--- WORKING DATA Enclosed Below ---

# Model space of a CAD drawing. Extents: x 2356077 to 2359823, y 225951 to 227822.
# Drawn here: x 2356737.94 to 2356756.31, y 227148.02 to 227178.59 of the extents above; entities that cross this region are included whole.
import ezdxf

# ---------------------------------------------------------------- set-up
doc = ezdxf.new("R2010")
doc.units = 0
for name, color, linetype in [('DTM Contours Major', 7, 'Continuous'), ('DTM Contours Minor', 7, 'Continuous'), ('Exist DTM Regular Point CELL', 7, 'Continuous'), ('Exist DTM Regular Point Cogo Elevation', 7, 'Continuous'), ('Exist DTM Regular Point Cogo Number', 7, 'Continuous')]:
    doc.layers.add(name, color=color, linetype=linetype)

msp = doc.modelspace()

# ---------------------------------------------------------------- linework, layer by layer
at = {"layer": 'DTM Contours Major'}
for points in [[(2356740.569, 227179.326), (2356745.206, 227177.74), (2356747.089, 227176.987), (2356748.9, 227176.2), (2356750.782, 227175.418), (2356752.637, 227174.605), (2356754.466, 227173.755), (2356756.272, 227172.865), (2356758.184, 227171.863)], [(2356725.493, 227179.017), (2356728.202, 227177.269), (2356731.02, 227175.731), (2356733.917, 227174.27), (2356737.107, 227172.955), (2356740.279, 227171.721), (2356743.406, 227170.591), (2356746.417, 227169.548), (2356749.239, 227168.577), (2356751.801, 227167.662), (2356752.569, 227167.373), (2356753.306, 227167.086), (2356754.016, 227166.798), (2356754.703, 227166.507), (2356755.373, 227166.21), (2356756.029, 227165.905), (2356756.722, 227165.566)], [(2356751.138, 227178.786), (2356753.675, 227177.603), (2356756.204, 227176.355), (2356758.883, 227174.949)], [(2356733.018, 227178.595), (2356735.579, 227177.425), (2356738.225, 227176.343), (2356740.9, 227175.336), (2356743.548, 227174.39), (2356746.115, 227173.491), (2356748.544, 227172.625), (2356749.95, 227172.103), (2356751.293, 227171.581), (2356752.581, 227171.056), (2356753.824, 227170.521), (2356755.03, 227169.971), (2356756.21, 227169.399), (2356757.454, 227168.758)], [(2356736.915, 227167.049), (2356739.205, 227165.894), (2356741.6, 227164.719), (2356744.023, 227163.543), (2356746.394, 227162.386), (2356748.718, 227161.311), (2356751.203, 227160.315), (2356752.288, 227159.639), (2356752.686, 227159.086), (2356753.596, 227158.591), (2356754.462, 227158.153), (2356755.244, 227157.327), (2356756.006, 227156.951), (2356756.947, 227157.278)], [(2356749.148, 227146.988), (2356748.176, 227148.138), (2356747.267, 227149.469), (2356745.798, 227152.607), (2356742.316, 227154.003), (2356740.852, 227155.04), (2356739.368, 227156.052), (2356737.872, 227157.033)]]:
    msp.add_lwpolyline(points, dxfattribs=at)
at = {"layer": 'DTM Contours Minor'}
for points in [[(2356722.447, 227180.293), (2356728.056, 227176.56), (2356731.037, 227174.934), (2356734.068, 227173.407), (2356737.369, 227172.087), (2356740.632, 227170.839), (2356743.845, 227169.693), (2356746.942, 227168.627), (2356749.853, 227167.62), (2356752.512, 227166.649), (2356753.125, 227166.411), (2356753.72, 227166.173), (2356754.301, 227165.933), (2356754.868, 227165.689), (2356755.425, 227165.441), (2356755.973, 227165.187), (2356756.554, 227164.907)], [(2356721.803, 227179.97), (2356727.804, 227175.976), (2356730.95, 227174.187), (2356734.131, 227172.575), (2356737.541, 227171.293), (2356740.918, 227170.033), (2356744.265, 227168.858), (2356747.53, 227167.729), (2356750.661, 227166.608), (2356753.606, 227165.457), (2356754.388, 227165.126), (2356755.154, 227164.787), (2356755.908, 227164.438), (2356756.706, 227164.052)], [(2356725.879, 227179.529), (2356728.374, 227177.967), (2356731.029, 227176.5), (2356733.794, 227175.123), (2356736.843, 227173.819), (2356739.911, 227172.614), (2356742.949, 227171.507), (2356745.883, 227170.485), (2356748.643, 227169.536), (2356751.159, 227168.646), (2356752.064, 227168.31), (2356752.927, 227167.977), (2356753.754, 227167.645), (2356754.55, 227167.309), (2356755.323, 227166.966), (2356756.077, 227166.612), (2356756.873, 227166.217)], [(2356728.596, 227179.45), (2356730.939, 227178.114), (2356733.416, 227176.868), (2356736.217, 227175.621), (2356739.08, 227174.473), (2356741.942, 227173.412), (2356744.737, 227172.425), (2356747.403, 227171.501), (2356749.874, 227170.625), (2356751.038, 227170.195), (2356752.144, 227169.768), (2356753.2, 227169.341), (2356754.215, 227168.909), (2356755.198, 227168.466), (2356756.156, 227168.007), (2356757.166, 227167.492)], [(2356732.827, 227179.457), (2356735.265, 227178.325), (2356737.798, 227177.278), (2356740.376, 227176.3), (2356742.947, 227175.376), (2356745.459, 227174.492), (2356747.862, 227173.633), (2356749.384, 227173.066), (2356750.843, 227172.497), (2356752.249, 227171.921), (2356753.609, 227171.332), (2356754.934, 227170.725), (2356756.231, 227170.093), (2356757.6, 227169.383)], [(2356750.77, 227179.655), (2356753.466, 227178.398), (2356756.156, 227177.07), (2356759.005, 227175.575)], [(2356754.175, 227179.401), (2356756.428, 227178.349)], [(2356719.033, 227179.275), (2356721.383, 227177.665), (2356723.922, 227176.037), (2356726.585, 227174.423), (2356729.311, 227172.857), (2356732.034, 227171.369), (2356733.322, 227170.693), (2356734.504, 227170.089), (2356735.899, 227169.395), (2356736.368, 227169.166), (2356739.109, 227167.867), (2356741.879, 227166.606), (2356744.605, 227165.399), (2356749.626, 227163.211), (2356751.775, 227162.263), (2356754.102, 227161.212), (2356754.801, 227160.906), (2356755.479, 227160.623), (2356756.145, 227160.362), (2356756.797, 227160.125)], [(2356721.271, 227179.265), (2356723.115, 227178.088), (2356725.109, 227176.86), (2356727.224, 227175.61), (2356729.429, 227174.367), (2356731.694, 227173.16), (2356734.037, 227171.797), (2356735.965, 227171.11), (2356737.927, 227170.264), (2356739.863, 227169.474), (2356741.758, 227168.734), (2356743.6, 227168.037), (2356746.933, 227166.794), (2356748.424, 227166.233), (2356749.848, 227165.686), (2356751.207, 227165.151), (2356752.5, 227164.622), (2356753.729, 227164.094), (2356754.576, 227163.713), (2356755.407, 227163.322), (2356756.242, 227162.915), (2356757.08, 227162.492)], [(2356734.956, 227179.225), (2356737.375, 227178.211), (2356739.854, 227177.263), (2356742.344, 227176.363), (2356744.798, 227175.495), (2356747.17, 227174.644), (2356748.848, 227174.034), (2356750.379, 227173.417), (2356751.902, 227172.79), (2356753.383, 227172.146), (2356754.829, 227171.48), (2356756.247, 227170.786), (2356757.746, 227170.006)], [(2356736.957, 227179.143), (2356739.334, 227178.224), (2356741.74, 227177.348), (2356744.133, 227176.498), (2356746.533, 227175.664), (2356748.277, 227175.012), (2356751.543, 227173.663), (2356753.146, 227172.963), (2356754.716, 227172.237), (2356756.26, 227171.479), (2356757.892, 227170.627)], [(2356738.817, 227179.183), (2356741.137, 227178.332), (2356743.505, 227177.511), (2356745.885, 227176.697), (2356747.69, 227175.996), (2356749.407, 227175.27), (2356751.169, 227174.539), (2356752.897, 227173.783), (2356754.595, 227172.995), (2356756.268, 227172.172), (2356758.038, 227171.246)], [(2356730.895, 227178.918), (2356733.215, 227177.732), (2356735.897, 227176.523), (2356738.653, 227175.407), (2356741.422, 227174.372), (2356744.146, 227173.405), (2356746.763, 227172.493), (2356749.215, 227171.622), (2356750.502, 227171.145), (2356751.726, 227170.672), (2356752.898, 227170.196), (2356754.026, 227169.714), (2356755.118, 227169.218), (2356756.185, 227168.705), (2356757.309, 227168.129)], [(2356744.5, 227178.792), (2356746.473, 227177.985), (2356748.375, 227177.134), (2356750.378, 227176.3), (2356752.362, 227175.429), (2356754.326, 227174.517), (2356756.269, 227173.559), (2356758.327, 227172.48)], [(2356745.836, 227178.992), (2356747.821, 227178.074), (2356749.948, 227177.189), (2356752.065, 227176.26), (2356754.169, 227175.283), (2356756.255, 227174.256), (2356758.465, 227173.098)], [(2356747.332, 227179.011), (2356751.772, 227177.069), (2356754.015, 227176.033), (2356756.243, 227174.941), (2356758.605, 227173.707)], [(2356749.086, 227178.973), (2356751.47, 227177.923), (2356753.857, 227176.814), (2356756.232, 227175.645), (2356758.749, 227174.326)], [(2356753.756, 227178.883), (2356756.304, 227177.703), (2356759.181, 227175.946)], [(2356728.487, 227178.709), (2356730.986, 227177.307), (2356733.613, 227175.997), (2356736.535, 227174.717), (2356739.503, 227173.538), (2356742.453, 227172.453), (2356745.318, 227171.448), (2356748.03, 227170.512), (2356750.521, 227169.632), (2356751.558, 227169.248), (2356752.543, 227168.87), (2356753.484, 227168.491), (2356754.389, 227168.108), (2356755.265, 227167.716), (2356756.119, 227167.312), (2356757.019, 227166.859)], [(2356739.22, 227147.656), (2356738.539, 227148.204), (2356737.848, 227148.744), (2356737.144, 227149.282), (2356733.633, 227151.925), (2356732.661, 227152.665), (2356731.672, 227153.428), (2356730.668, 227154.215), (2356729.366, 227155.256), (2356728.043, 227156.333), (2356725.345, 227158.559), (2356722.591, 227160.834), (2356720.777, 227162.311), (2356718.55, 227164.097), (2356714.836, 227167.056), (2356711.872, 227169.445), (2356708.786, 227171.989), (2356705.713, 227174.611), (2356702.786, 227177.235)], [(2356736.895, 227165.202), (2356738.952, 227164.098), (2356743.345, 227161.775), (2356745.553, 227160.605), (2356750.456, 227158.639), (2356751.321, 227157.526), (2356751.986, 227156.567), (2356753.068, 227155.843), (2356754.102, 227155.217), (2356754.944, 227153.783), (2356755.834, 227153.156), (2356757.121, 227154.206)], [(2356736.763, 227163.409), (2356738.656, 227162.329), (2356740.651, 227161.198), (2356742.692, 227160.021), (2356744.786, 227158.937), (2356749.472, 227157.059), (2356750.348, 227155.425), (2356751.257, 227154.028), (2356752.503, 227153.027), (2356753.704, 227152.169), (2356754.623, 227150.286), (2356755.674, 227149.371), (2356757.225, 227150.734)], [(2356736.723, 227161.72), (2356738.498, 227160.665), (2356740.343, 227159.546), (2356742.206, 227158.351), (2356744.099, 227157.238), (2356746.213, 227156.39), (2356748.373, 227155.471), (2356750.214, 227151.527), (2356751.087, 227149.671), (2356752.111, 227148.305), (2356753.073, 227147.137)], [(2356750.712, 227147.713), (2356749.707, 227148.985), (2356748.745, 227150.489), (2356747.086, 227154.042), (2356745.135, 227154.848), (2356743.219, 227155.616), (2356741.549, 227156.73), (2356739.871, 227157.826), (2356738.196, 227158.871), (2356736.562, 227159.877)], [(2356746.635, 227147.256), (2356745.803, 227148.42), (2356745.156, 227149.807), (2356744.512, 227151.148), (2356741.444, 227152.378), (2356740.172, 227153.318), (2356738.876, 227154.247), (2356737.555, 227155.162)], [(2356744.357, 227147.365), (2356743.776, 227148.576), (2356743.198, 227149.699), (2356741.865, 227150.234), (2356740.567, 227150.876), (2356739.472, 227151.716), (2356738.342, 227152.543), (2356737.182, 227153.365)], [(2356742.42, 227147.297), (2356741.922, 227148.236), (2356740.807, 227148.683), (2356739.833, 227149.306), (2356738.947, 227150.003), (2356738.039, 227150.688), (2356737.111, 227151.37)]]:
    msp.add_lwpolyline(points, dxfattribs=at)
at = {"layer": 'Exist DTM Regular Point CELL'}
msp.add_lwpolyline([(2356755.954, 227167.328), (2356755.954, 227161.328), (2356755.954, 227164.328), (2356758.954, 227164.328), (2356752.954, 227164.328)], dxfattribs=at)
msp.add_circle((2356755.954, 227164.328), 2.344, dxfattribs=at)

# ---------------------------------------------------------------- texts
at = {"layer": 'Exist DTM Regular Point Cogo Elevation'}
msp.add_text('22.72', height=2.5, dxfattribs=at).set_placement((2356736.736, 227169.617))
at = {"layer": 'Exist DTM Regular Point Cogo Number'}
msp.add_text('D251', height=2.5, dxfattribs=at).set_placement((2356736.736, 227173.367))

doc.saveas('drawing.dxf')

--- End of Enclosed WORKING DATA ---

__WORK INSTRUCTIONS__
The expected result is a copy of each line in the records where "Elevation" appears.

__THE COMPLETED TASK__
for name, color, linetype in [('DTM Contours Major', 7, 'Continuous'), ('DTM Contours Minor', 7, 'Continuous'), ('Exist DTM Regular Point CELL', 7, 'Continuous'), ('Exist DTM Regular Point Cogo Elevation', 7, 'Continuous'), ('Exist DTM Regular Point Cogo Number', 7, 'Continuous')]:
at = {"layer": 'Exist DTM Regular Point Cogo Elevation'}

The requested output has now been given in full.